[Task] Reproduce the lines below exactly, from the one containing "Erstellungsdatum: 10.01.2007" through the one containing "import ezdxf", both included. Leave out any pictures.

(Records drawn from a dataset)
··········

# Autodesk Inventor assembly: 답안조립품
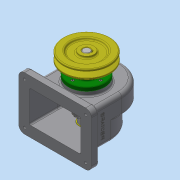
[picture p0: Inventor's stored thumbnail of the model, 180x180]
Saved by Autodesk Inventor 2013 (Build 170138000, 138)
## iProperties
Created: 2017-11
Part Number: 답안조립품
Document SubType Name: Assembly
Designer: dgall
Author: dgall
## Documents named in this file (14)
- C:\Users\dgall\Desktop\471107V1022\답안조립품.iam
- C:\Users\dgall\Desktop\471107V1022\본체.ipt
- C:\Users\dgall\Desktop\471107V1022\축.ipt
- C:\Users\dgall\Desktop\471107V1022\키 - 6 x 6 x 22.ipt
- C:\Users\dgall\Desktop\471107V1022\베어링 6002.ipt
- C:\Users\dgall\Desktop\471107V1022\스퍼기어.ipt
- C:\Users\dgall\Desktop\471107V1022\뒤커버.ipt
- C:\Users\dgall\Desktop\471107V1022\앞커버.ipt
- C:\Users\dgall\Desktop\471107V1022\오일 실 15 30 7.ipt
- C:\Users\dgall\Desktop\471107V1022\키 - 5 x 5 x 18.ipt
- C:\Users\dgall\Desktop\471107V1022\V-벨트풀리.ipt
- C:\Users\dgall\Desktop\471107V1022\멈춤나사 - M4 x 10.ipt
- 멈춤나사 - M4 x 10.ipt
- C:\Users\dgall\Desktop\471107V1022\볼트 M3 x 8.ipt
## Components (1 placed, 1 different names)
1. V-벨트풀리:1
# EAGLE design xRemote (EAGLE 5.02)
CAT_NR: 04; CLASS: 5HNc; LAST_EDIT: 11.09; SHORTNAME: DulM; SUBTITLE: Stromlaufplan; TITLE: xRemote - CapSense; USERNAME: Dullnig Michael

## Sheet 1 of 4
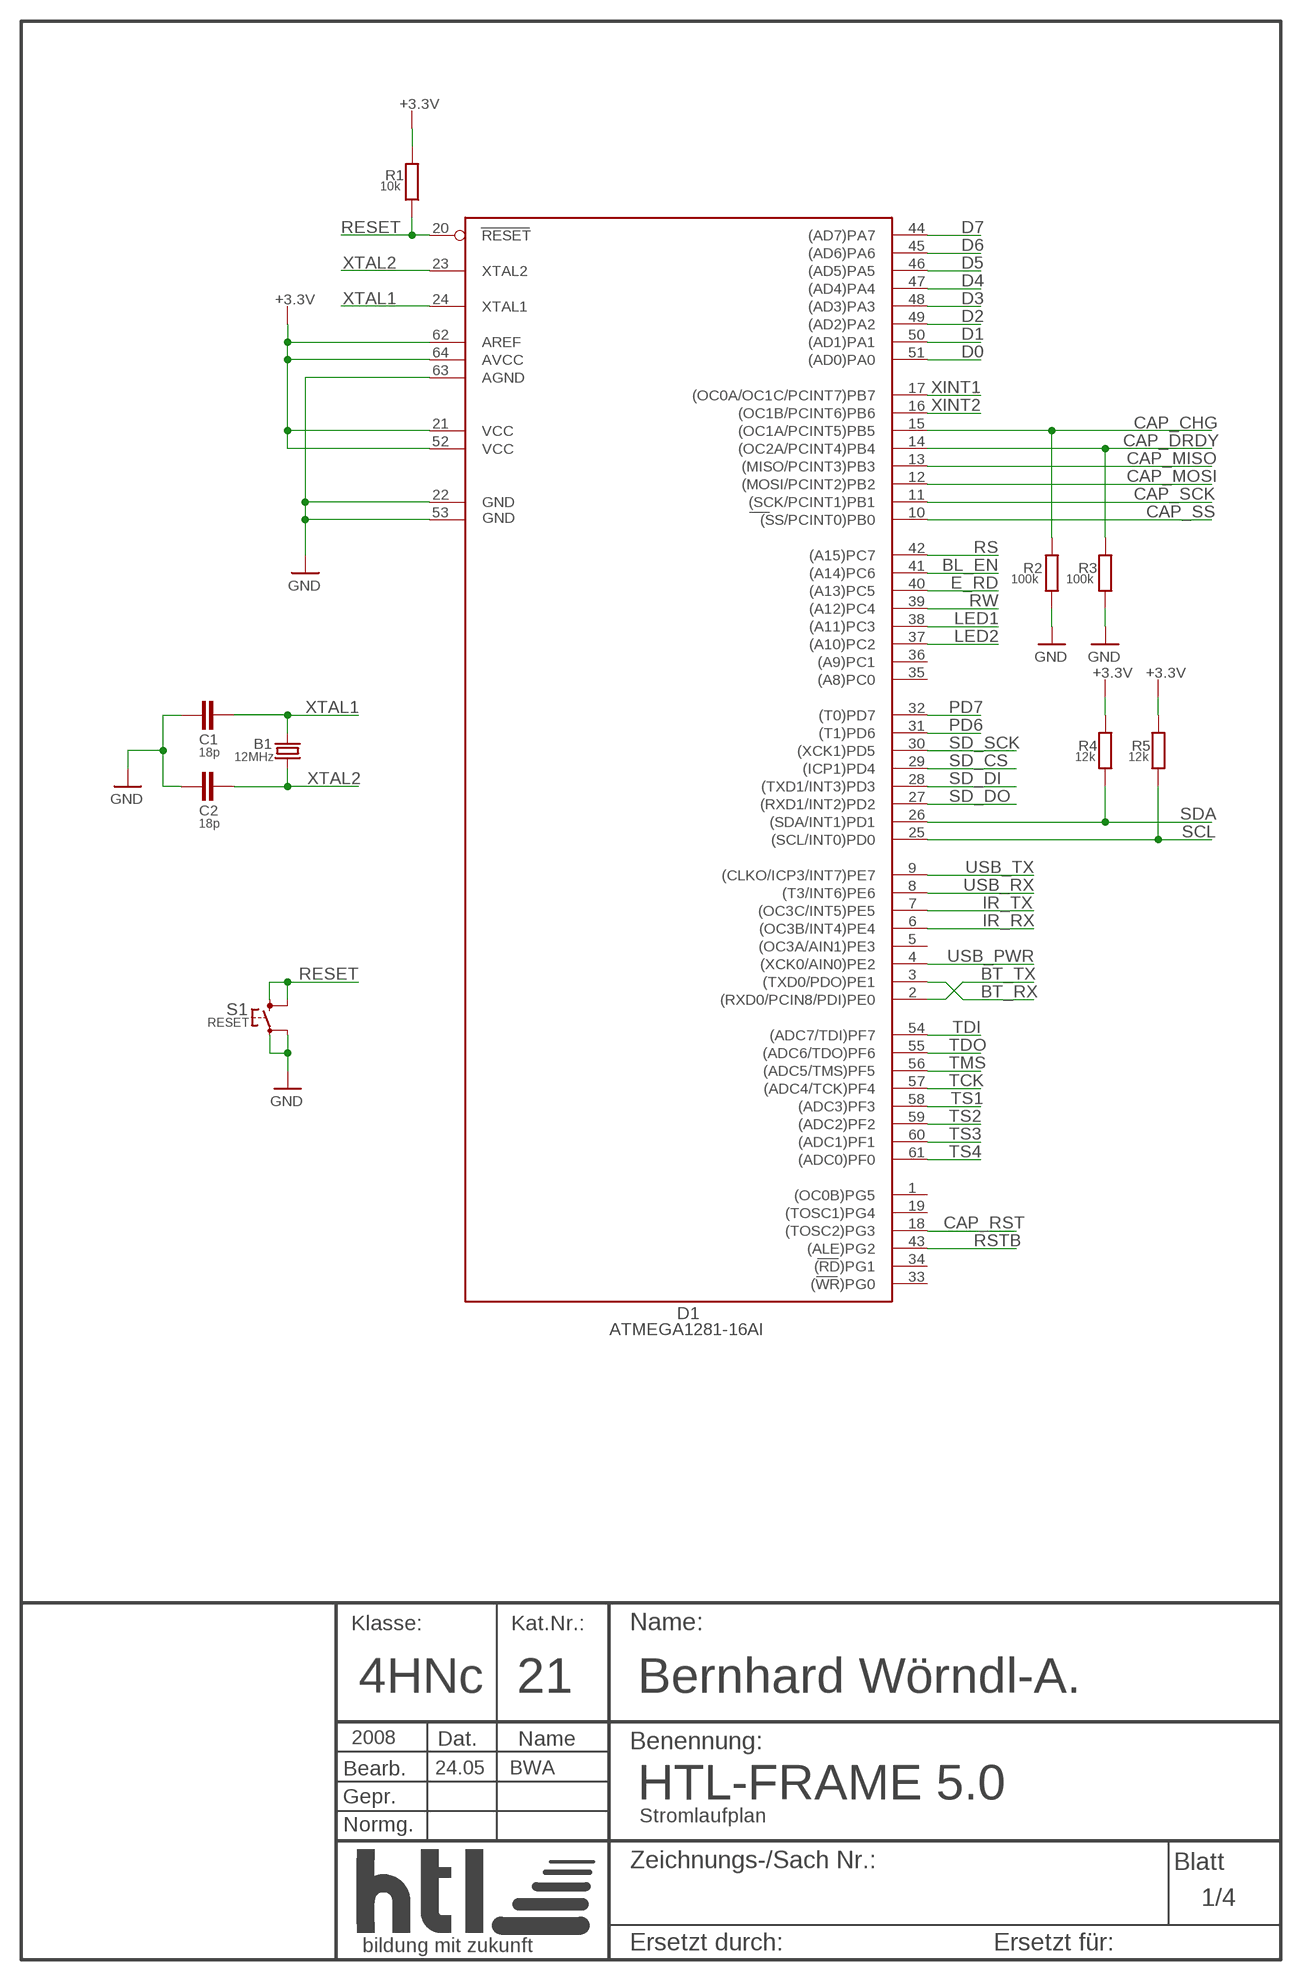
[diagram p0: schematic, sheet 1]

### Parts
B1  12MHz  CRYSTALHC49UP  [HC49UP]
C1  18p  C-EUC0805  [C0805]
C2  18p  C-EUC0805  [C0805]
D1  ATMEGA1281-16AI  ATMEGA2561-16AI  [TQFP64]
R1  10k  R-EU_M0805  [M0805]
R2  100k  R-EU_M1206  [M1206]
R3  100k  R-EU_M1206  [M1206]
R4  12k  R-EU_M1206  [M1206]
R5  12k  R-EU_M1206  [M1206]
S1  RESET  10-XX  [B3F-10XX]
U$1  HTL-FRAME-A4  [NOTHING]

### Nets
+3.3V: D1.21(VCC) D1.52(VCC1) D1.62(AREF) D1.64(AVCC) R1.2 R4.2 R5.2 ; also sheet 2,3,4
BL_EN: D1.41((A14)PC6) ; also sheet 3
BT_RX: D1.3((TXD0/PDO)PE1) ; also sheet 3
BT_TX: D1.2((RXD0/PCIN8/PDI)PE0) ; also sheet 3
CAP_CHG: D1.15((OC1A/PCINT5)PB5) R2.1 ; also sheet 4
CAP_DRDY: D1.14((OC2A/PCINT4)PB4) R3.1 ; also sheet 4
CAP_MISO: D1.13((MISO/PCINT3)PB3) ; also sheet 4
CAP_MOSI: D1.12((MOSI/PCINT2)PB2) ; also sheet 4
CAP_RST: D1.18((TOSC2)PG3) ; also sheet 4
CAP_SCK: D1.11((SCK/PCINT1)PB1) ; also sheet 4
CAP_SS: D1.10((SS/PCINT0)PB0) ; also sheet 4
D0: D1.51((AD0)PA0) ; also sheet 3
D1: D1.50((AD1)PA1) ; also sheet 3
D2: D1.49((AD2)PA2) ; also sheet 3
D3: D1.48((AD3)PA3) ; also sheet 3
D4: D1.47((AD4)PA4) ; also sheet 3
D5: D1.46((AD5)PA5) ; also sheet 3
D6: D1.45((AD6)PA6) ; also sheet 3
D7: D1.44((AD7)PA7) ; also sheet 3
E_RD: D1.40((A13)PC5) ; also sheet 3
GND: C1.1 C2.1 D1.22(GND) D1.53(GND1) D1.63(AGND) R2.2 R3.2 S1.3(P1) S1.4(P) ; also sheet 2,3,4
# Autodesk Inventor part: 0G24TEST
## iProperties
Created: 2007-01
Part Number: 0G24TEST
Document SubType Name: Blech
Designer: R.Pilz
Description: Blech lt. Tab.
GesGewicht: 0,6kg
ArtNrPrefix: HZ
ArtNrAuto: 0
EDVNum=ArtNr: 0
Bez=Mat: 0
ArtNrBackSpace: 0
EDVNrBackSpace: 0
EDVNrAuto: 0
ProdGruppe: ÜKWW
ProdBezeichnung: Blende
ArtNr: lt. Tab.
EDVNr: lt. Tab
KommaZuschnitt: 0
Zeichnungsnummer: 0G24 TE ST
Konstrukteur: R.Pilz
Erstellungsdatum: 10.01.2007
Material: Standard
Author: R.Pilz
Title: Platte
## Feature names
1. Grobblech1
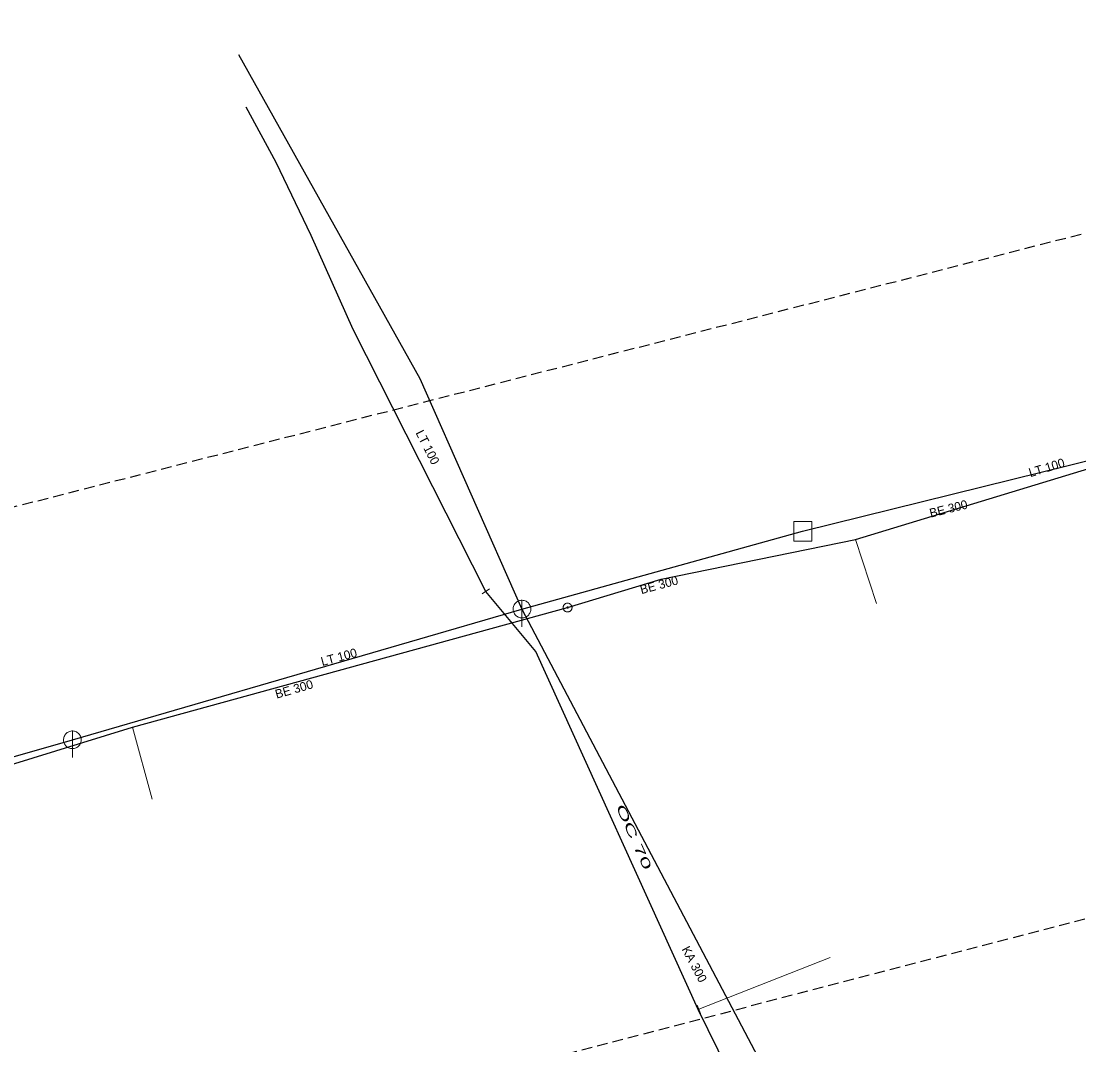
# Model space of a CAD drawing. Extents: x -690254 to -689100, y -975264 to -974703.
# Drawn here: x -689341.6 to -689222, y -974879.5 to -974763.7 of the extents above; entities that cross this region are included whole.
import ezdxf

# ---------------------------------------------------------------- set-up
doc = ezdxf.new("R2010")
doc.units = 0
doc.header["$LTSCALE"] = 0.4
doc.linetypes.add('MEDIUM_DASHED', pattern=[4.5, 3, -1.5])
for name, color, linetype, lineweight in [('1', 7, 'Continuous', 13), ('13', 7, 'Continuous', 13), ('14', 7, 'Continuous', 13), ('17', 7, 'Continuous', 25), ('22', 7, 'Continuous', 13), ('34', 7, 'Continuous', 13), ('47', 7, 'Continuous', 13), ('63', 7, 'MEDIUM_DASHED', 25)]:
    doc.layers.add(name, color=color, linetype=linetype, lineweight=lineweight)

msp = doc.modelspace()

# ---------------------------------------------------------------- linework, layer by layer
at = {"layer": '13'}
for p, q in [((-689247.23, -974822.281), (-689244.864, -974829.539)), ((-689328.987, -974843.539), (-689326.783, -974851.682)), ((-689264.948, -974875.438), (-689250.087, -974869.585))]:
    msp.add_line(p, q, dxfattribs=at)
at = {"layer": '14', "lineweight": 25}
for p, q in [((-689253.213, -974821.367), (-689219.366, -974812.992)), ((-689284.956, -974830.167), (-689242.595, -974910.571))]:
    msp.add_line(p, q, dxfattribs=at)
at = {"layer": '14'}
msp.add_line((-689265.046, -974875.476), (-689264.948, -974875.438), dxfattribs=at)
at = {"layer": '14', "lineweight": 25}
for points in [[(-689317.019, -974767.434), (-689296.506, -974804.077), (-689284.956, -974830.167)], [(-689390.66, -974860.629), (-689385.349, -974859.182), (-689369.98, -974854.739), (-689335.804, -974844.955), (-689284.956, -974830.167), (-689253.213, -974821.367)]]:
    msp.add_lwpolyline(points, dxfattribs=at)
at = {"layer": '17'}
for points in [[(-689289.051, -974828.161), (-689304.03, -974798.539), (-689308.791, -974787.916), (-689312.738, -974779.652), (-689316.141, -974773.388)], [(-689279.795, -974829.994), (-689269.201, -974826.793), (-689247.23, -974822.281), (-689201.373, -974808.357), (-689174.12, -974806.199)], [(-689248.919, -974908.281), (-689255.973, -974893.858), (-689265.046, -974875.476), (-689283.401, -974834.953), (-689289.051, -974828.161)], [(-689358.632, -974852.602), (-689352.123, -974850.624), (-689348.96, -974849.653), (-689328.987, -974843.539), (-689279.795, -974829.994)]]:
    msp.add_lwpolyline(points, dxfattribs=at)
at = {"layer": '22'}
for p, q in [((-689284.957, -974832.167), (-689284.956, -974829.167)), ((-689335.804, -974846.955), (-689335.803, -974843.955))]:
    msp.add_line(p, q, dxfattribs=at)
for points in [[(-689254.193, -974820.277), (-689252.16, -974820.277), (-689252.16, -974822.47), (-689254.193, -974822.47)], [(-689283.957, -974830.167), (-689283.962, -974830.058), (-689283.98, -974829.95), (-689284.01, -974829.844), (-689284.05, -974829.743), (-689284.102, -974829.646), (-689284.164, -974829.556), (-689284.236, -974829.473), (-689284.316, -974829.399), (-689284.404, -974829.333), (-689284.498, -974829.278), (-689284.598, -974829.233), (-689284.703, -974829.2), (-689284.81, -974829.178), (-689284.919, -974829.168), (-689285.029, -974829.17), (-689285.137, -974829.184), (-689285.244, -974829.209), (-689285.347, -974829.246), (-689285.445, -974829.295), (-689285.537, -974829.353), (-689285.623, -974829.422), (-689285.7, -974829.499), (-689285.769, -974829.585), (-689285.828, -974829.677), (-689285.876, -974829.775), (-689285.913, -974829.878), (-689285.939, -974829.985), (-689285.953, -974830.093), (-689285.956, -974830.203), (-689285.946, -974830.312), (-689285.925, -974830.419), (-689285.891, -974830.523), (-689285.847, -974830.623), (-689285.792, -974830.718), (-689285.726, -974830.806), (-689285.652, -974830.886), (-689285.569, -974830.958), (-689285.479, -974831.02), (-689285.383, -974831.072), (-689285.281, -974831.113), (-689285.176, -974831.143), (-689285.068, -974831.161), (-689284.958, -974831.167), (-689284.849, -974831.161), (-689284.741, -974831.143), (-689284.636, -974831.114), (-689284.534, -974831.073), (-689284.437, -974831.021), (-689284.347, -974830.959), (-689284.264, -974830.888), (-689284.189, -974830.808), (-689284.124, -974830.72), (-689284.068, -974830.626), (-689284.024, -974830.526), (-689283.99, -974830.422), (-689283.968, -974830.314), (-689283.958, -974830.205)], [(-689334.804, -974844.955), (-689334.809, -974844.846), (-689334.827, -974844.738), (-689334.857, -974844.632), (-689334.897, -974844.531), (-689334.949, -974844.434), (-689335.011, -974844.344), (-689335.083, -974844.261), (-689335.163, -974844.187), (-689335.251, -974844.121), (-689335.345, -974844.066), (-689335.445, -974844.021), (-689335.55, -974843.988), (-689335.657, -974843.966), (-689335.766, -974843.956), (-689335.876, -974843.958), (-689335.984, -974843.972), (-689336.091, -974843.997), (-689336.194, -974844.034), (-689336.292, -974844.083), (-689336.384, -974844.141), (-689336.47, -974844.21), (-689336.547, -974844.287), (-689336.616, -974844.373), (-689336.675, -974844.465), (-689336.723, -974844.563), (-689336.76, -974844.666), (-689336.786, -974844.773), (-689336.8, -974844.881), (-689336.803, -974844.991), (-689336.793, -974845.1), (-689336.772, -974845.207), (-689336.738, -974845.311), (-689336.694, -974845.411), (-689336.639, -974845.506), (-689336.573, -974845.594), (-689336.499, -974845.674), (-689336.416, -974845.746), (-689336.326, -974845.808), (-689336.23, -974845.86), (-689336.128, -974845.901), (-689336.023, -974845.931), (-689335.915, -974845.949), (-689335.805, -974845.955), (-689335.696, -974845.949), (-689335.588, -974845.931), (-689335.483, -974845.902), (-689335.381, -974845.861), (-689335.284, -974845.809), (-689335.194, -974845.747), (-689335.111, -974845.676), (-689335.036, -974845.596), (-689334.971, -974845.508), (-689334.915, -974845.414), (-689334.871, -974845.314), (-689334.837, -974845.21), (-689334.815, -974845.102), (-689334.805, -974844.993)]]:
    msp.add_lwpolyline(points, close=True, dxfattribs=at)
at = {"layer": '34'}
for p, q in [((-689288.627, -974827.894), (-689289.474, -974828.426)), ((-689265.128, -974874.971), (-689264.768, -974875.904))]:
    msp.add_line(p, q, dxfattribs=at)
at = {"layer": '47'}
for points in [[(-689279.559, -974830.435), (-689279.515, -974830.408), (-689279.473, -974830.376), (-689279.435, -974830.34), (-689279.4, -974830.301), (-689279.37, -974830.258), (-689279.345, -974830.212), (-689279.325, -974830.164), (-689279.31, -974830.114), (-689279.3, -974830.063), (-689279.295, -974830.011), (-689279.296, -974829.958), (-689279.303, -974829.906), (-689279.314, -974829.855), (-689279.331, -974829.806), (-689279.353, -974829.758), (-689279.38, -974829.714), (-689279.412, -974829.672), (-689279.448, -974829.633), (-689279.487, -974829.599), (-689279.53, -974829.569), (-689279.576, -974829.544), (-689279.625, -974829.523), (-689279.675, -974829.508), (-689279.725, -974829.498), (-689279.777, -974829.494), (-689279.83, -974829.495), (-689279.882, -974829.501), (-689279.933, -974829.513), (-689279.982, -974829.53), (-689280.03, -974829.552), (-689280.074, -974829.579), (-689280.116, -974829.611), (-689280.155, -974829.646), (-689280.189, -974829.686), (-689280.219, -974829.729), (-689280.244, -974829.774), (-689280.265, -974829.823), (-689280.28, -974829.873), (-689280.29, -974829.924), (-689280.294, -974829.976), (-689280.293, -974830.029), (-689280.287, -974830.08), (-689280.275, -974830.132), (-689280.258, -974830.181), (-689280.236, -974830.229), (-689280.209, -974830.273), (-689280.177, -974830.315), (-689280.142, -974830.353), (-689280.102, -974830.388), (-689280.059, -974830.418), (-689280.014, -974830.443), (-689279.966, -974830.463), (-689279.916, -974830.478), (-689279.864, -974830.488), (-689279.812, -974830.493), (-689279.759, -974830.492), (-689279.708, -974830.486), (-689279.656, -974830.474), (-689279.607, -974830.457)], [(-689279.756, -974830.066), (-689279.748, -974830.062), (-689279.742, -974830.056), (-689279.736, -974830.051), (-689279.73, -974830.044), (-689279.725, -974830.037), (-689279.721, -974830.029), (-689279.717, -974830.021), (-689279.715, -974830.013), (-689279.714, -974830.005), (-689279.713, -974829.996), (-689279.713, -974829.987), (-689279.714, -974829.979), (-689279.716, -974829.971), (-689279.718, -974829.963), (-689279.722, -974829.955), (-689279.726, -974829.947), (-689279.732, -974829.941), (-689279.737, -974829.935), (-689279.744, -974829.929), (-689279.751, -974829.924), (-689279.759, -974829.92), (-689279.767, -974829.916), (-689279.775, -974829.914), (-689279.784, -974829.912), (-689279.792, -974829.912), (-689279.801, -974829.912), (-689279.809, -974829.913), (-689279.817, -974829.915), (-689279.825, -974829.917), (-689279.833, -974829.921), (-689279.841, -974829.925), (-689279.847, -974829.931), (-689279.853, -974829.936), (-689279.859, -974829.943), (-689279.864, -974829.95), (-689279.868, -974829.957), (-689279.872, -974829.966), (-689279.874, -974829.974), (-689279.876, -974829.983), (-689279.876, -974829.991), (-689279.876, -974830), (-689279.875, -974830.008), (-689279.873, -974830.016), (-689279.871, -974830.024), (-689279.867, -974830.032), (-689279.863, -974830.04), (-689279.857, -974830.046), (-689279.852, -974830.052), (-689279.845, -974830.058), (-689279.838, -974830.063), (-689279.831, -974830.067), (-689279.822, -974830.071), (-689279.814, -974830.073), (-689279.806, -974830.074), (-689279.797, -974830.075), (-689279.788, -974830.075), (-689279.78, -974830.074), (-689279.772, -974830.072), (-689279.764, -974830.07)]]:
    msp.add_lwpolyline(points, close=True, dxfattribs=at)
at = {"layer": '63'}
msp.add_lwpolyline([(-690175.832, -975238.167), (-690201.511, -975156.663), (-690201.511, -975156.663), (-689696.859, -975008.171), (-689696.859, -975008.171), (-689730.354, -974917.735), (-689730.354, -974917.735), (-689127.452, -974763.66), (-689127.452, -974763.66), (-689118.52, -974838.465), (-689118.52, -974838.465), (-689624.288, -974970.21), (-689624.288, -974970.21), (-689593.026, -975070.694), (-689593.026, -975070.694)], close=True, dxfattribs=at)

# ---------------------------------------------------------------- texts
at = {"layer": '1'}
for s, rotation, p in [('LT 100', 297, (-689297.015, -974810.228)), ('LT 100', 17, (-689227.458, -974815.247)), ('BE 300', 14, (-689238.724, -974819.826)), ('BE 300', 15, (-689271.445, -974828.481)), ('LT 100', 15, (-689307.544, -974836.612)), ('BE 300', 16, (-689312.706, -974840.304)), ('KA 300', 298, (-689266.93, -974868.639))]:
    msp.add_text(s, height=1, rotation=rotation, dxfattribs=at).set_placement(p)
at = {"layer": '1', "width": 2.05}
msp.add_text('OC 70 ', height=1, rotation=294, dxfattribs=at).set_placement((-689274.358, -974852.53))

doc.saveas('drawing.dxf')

··········

[Reply]
Erstellungsdatum: 10.01.2007
Material: Standard
Author: R.Pilz
Title: Platte
## Feature names
1. Grobblech1
# Model space of a CAD drawing. Extents: x -690254 to -689100, y -975264 to -974703.
# Drawn here: x -689341.6 to -689222, y -974879.5 to -974763.7 of the extents above; entities that cross this region are included whole.
import ezdxf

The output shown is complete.